──────── DATA FOR THE TASK
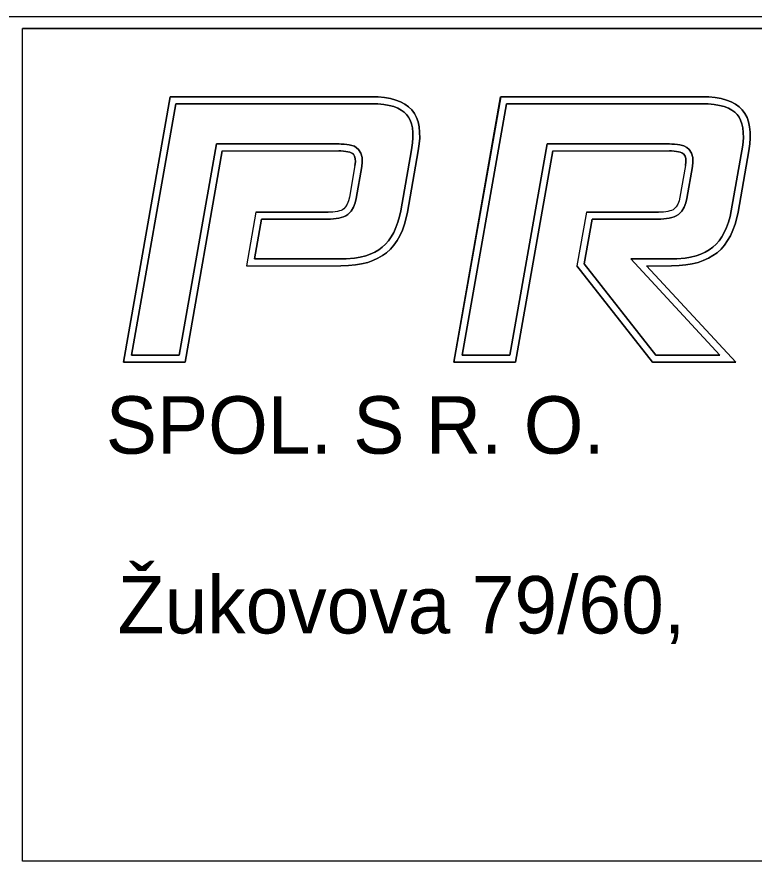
# Model space of a CAD drawing. Extents: x 249 to 564, y 49 to 194.
# Drawn here: x 531.98 to 544.18, y 71.06 to 85.02 of the extents above; entities that cross this region are included whole.
import ezdxf

# ---------------------------------------------------------------- set-up
doc = ezdxf.new("R2010")
doc.units = 0
doc.layers.add('000_rozpiska', color=7, linetype='Continuous')

msp = doc.modelspace()

# ---------------------------------------------------------------- linework, layer by layer
at = {"layer": '000_rozpiska'}
for p, q in [((559.147, 85.024), (472.697, 85.024)), ((559.147, 85.024), (472.697, 85.024)), ((559.147, 84.834), (532.072, 84.834)), ((532.072, 71.058), (532.072, 84.834)), ((533.739, 79.311), (534.513, 83.701)), ((534.512, 83.702), (537.843, 83.702)), ((539.21, 79.311), (539.983, 83.701)), ((539.982, 83.702), (543.314, 83.702)), ((535.377, 82.807), (534.761, 79.311)), ((535.377, 82.807), (537.306, 82.807)), ((538.62, 82.807), (538.442, 81.794)), ((540.848, 82.807), (540.232, 79.311)), ((540.848, 82.807), (542.777, 82.807)), ((544.091, 82.807), (543.913, 81.794)), ((537.572, 82.564), (537.481, 82.043)), ((543.043, 82.564), (542.952, 82.043)), ((535.931, 81.794), (535.775, 80.906)), ((535.931, 81.794), (537.127, 81.794)), ((541.402, 81.794), (541.246, 80.906)), ((541.402, 81.794), (542.598, 81.794)), ((535.775, 80.906), (537.339, 80.906)), ((542.498, 79.311), (541.246, 80.906)), ((542.399, 80.906), (542.81, 80.906)), ((543.874, 79.311), (542.399, 80.906)), ((534.761, 79.311), (533.739, 79.311)), ((540.232, 79.311), (539.21, 79.311)), ((543.874, 79.311), (542.498, 79.311)), ((560.382, 71.058), (532.072, 71.058))]:
    msp.add_line(p, q, dxfattribs=at)
for points in [[(532.072, 71.058), (532.072, 84.834), (559.147, 84.834)], [(538.25, 83.647), (538.161, 83.671), (538.063, 83.688), (537.956, 83.699), (537.843, 83.702), (534.513, 83.702), (533.739, 79.311), (534.761, 79.311), (535.377, 82.807), (537.306, 82.807), (537.341, 82.806), (537.383, 82.804), (537.422, 82.799), (537.456, 82.794), (537.485, 82.786), (537.51, 82.777), (537.53, 82.766), (537.546, 82.753), (537.567, 82.721), (537.578, 82.679), (537.579, 82.624), (537.572, 82.564), (537.481, 82.043), (537.466, 81.98), (537.445, 81.924), (537.418, 81.879), (537.386, 81.846), (537.366, 81.834), (537.343, 81.823), (537.314, 81.813), (537.282, 81.806), (537.245, 81.8), (537.208, 81.796), (537.163, 81.794), (537.127, 81.794), (535.931, 81.794), (535.775, 80.906), (537.339, 80.906), (537.466, 80.91), (537.579, 80.92), (537.68, 80.937), (537.783, 80.962), (537.867, 80.991), (537.953, 81.03), (538.027, 81.074), (538.095, 81.123), (538.16, 81.182), (538.217, 81.249), (538.269, 81.323), (538.316, 81.404), (538.357, 81.494), (538.393, 81.594), (538.421, 81.697), (538.442, 81.794), (538.62, 82.807), (538.637, 82.926), (538.644, 83.018), (538.642, 83.117), (538.634, 83.206), (538.616, 83.288), (538.59, 83.36), (538.556, 83.427), (538.512, 83.485), (538.46, 83.535), (538.399, 83.579), (538.328, 83.617), (538.25, 83.647)], [(537.843, 83.702), (537.956, 83.699), (538.063, 83.688), (538.161, 83.671), (538.25, 83.647), (538.328, 83.617), (538.399, 83.579), (538.46, 83.535), (538.512, 83.485), (538.556, 83.427), (538.59, 83.36), (538.616, 83.288), (538.634, 83.206), (538.642, 83.117), (538.644, 83.018), (538.637, 82.926), (538.62, 82.807)], [(544.108, 82.926), (544.115, 83.018), (544.113, 83.117), (544.105, 83.206), (544.087, 83.288), (544.061, 83.36), (544.027, 83.427), (543.983, 83.485), (543.931, 83.535), (543.87, 83.579), (543.799, 83.617), (543.721, 83.647), (543.632, 83.671), (543.534, 83.688), (543.427, 83.699), (543.314, 83.702), (539.984, 83.702), (539.21, 79.311), (540.232, 79.311), (540.848, 82.807), (542.777, 82.807), (542.812, 82.806), (542.853, 82.804), (542.893, 82.799), (542.927, 82.794), (542.956, 82.786), (542.981, 82.777), (543.001, 82.766), (543.017, 82.753), (543.038, 82.721), (543.049, 82.679), (543.05, 82.624), (543.043, 82.564), (542.952, 82.043), (542.937, 81.98), (542.916, 81.924), (542.889, 81.879), (542.857, 81.846), (542.837, 81.834), (542.814, 81.823), (542.785, 81.813), (542.753, 81.806), (542.716, 81.8), (542.679, 81.796), (542.634, 81.794), (542.598, 81.794), (541.402, 81.794), (541.246, 80.906), (542.498, 79.311), (543.874, 79.311), (542.399, 80.906), (542.81, 80.906), (542.937, 80.91), (543.05, 80.92), (543.151, 80.937), (543.254, 80.962), (543.338, 80.991), (543.424, 81.03), (543.498, 81.074), (543.566, 81.123), (543.631, 81.182), (543.688, 81.249), (543.74, 81.323), (543.787, 81.404), (543.828, 81.494), (543.864, 81.594), (543.892, 81.697), (543.913, 81.794), (544.091, 82.807), (544.108, 82.926)], [(543.314, 83.702), (543.427, 83.699), (543.534, 83.688), (543.632, 83.671), (543.721, 83.647), (543.799, 83.617), (543.87, 83.579), (543.931, 83.535), (543.983, 83.485), (544.027, 83.427), (544.061, 83.36), (544.087, 83.288), (544.105, 83.206), (544.113, 83.117), (544.115, 83.018), (544.108, 82.926), (544.091, 82.807)], [(560.382, 83.599), (560.382, 71.058), (532.072, 71.058)], [(534.608, 83.588), (537.84, 83.588), (537.949, 83.585), (538.048, 83.575), (538.137, 83.56), (538.214, 83.539), (538.281, 83.513), (538.339, 83.482), (538.387, 83.448), (538.426, 83.409), (538.459, 83.366), (538.485, 83.315), (538.506, 83.256), (538.522, 83.188), (538.528, 83.111), (538.53, 83.021), (538.524, 82.938), (538.507, 82.825), (538.33, 81.817), (538.31, 81.724), (538.284, 81.628), (538.251, 81.537), (538.214, 81.456), (538.173, 81.384), (538.127, 81.319), (538.078, 81.262), (538.023, 81.212), (537.965, 81.169), (537.9, 81.132), (537.825, 81.097), (537.75, 81.072), (537.657, 81.049), (537.564, 81.033), (537.426, 81.02), (535.91, 81.02), (536.027, 81.68), (537.129, 81.68), (537.166, 81.68), (537.216, 81.683), (537.26, 81.687), (537.303, 81.694), (537.344, 81.703), (537.385, 81.717), (537.42, 81.733), (537.457, 81.756), (537.51, 81.809), (537.548, 81.874), (537.576, 81.947), (537.593, 82.021), (537.686, 82.551), (537.693, 82.619), (537.691, 82.695), (537.672, 82.768), (537.632, 82.83), (537.567, 82.883), (537.479, 82.905), (537.438, 82.912), (537.392, 82.918), (537.345, 82.92), (537.309, 82.921), (535.281, 82.921), (534.665, 79.425), (533.875, 79.425), (534.608, 83.588)], [(538.522, 83.188), (538.506, 83.256), (538.485, 83.315), (538.459, 83.366), (538.426, 83.409), (538.387, 83.448), (538.339, 83.482), (538.281, 83.513), (538.214, 83.539), (538.137, 83.56), (538.048, 83.575), (537.949, 83.585), (537.84, 83.588), (534.608, 83.588), (533.875, 79.425), (534.665, 79.425), (535.281, 82.921), (537.309, 82.921), (537.345, 82.92), (537.392, 82.918), (537.438, 82.912), (537.479, 82.905), (537.567, 82.883), (537.632, 82.83), (537.672, 82.768), (537.691, 82.695), (537.693, 82.619), (537.686, 82.551), (537.593, 82.021), (537.576, 81.947), (537.548, 81.874), (537.51, 81.809), (537.457, 81.756), (537.42, 81.733), (537.385, 81.717), (537.344, 81.703), (537.303, 81.694), (537.26, 81.687), (537.216, 81.683), (537.166, 81.68), (537.129, 81.68), (536.027, 81.68), (535.91, 81.02), (537.426, 81.02), (537.564, 81.033), (537.657, 81.049), (537.75, 81.072), (537.825, 81.097), (537.9, 81.132), (537.965, 81.169), (538.023, 81.212), (538.078, 81.262), (538.127, 81.319), (538.173, 81.384), (538.214, 81.456), (538.251, 81.537), (538.284, 81.628), (538.31, 81.724), (538.33, 81.817), (538.507, 82.825), (538.524, 82.938), (538.53, 83.021), (538.528, 83.111), (538.522, 83.188)], [(535.281, 82.921), (534.665, 79.425), (533.875, 79.425), (534.608, 83.588), (537.84, 83.588), (537.949, 83.585), (538.048, 83.575), (538.137, 83.56), (538.214, 83.539), (538.281, 83.513), (538.339, 83.482), (538.387, 83.448), (538.426, 83.409), (538.459, 83.366), (538.485, 83.315), (538.506, 83.256), (538.522, 83.188), (538.528, 83.111), (538.53, 83.021), (538.524, 82.938), (538.507, 82.825), (538.33, 81.817), (538.31, 81.724), (538.284, 81.628), (538.251, 81.537), (538.214, 81.456), (538.173, 81.384), (538.127, 81.319), (538.078, 81.262), (538.023, 81.212), (537.965, 81.169), (537.9, 81.132), (537.825, 81.097), (537.75, 81.072), (537.657, 81.049), (537.564, 81.033), (537.426, 81.02), (535.91, 81.02), (536.027, 81.68), (537.129, 81.68), (537.166, 81.68), (537.216, 81.683), (537.26, 81.687), (537.303, 81.694), (537.344, 81.703), (537.385, 81.717), (537.42, 81.733), (537.457, 81.756), (537.51, 81.809), (537.548, 81.874), (537.576, 81.947), (537.593, 82.021), (537.686, 82.551), (537.693, 82.619), (537.691, 82.695), (537.672, 82.768), (537.632, 82.83), (537.567, 82.883), (537.479, 82.905), (537.438, 82.912), (537.392, 82.918), (537.345, 82.92), (537.309, 82.921), (535.281, 82.921)], [(540.752, 82.921), (540.136, 79.425), (539.346, 79.425), (540.079, 83.588), (543.311, 83.588), (543.42, 83.585), (543.519, 83.575), (543.608, 83.56), (543.685, 83.539), (543.752, 83.513), (543.81, 83.482), (543.858, 83.448), (543.897, 83.409), (543.93, 83.366), (543.956, 83.315), (543.977, 83.256), (543.993, 83.188), (543.999, 83.111), (544.001, 83.021), (543.992, 82.902), (543.801, 81.817), (543.781, 81.724), (543.755, 81.628), (543.722, 81.537), (543.685, 81.456), (543.644, 81.384), (543.598, 81.319), (543.549, 81.262), (543.494, 81.212), (543.436, 81.169), (543.371, 81.132), (543.296, 81.097), (543.221, 81.072), (543.128, 81.049), (543.035, 81.033), (542.897, 81.02), (542.139, 81.02), (543.613, 79.425), (542.554, 79.425), (541.367, 80.937), (541.498, 81.68), (542.6, 81.68), (542.637, 81.68), (542.687, 81.683), (542.731, 81.687), (542.774, 81.694), (542.815, 81.703), (542.856, 81.717), (542.891, 81.733), (542.928, 81.756), (542.981, 81.809), (543.019, 81.874), (543.047, 81.947), (543.063, 82.021), (543.157, 82.551), (543.164, 82.619), (543.162, 82.695), (543.143, 82.768), (543.103, 82.83), (543.065, 82.861), (543.013, 82.889), (542.95, 82.905), (542.909, 82.912), (542.863, 82.918), (542.816, 82.92), (542.78, 82.921), (540.752, 82.921)], [(543.956, 83.315), (543.93, 83.366), (543.897, 83.409), (543.858, 83.448), (543.81, 83.482), (543.752, 83.513), (543.685, 83.539), (543.608, 83.56), (543.519, 83.575), (543.42, 83.585), (543.311, 83.588), (540.079, 83.588), (539.346, 79.425), (540.136, 79.425), (540.752, 82.921), (542.78, 82.921), (542.816, 82.92), (542.863, 82.918), (542.909, 82.912), (542.95, 82.905), (543.013, 82.889), (543.065, 82.861), (543.103, 82.83), (543.143, 82.768), (543.162, 82.695), (543.164, 82.619), (543.157, 82.551), (543.063, 82.021), (543.047, 81.947), (543.019, 81.874), (542.981, 81.809), (542.928, 81.756), (542.891, 81.733), (542.856, 81.717), (542.815, 81.703), (542.774, 81.694), (542.731, 81.687), (542.687, 81.683), (542.637, 81.68), (542.6, 81.68), (541.498, 81.68), (541.367, 80.937), (542.554, 79.425), (543.613, 79.425), (542.139, 81.02), (542.897, 81.02), (543.035, 81.033), (543.128, 81.049), (543.221, 81.072), (543.296, 81.097), (543.371, 81.132), (543.436, 81.169), (543.494, 81.212), (543.549, 81.262), (543.598, 81.319), (543.644, 81.384), (543.685, 81.456), (543.722, 81.537), (543.755, 81.628), (543.781, 81.724), (543.801, 81.817), (543.992, 82.902), (544.001, 83.021), (543.999, 83.111), (543.993, 83.188), (543.977, 83.256), (543.956, 83.315)], [(540.752, 82.921), (540.136, 79.425), (539.346, 79.425), (540.079, 83.588), (543.311, 83.588), (543.42, 83.585), (543.519, 83.575), (543.608, 83.56), (543.685, 83.539), (543.752, 83.513), (543.81, 83.482), (543.858, 83.448), (543.897, 83.409), (543.93, 83.366), (543.956, 83.315), (543.977, 83.256), (543.993, 83.188), (543.999, 83.111), (544.001, 83.021), (543.992, 82.902), (543.801, 81.817), (543.781, 81.724), (543.755, 81.628), (543.722, 81.537), (543.685, 81.456), (543.644, 81.384), (543.598, 81.319), (543.549, 81.262), (543.494, 81.212), (543.436, 81.169), (543.371, 81.132), (543.296, 81.097), (543.221, 81.072), (543.128, 81.049), (543.035, 81.033), (542.897, 81.02), (542.139, 81.02), (543.613, 79.425), (542.554, 79.425), (541.367, 80.937), (541.498, 81.68), (542.6, 81.68), (542.637, 81.68), (542.687, 81.683), (542.731, 81.687), (542.774, 81.694), (542.815, 81.703), (542.856, 81.717), (542.891, 81.733), (542.928, 81.756), (542.981, 81.809), (543.019, 81.874), (543.047, 81.947), (543.063, 82.021), (543.157, 82.551), (543.164, 82.619), (543.162, 82.695), (543.143, 82.768), (543.103, 82.83), (543.065, 82.861), (543.013, 82.889), (542.95, 82.905), (542.909, 82.912), (542.863, 82.918), (542.816, 82.92), (542.78, 82.921), (540.752, 82.921)], [(537.485, 82.786), (537.456, 82.794), (537.422, 82.799), (537.383, 82.804), (537.341, 82.806), (537.306, 82.807)], [(537.572, 82.564), (537.579, 82.624), (537.578, 82.679), (537.567, 82.721), (537.546, 82.753), (537.53, 82.766), (537.51, 82.777), (537.485, 82.786)], [(542.956, 82.786), (542.927, 82.794), (542.893, 82.799), (542.853, 82.804), (542.812, 82.806), (542.777, 82.807)], [(543.043, 82.564), (543.05, 82.624), (543.049, 82.679), (543.038, 82.721), (543.017, 82.753), (543.001, 82.766), (542.981, 82.777), (542.956, 82.786)], [(537.481, 82.043), (537.466, 81.98), (537.445, 81.924), (537.418, 81.879), (537.386, 81.846), (537.366, 81.834), (537.343, 81.823), (537.314, 81.813), (537.282, 81.806), (537.245, 81.8), (537.208, 81.796), (537.163, 81.794), (537.127, 81.794)], [(542.952, 82.043), (542.937, 81.98), (542.916, 81.924), (542.889, 81.879), (542.857, 81.846), (542.837, 81.834), (542.814, 81.823), (542.785, 81.813), (542.753, 81.806), (542.716, 81.8), (542.679, 81.796), (542.634, 81.794), (542.598, 81.794)], [(538.442, 81.794), (538.421, 81.697), (538.393, 81.594), (538.357, 81.494), (538.316, 81.404), (538.269, 81.323), (538.217, 81.249), (538.16, 81.182), (538.095, 81.123), (538.027, 81.074), (537.953, 81.03), (537.867, 80.991), (537.783, 80.962), (537.68, 80.937), (537.579, 80.92), (537.466, 80.91), (537.339, 80.906)], [(543.913, 81.794), (543.892, 81.697), (543.864, 81.594), (543.828, 81.494), (543.787, 81.404), (543.74, 81.323), (543.688, 81.249), (543.631, 81.182), (543.566, 81.123), (543.498, 81.074), (543.424, 81.03), (543.338, 80.991), (543.254, 80.962), (543.151, 80.937), (543.05, 80.92), (542.937, 80.91), (542.81, 80.906)]]:
    msp.add_lwpolyline(points, dxfattribs=at)

# ---------------------------------------------------------------- texts
for s, p in [('SPOL. S R. O.', (533.448, 77.798)), ('Žukovova 79/60, ', (533.645, 74.824))]:
    msp.add_text(s, height=0.95, dxfattribs=at).set_placement(p)

doc.saveas('drawing.dxf')
────────────────
• **WHAT YOU HAVE TO DO**: Respond with only the number of lines in the records that include the word "dxfattribs".

• **WRITTEN SOLUTION**: 3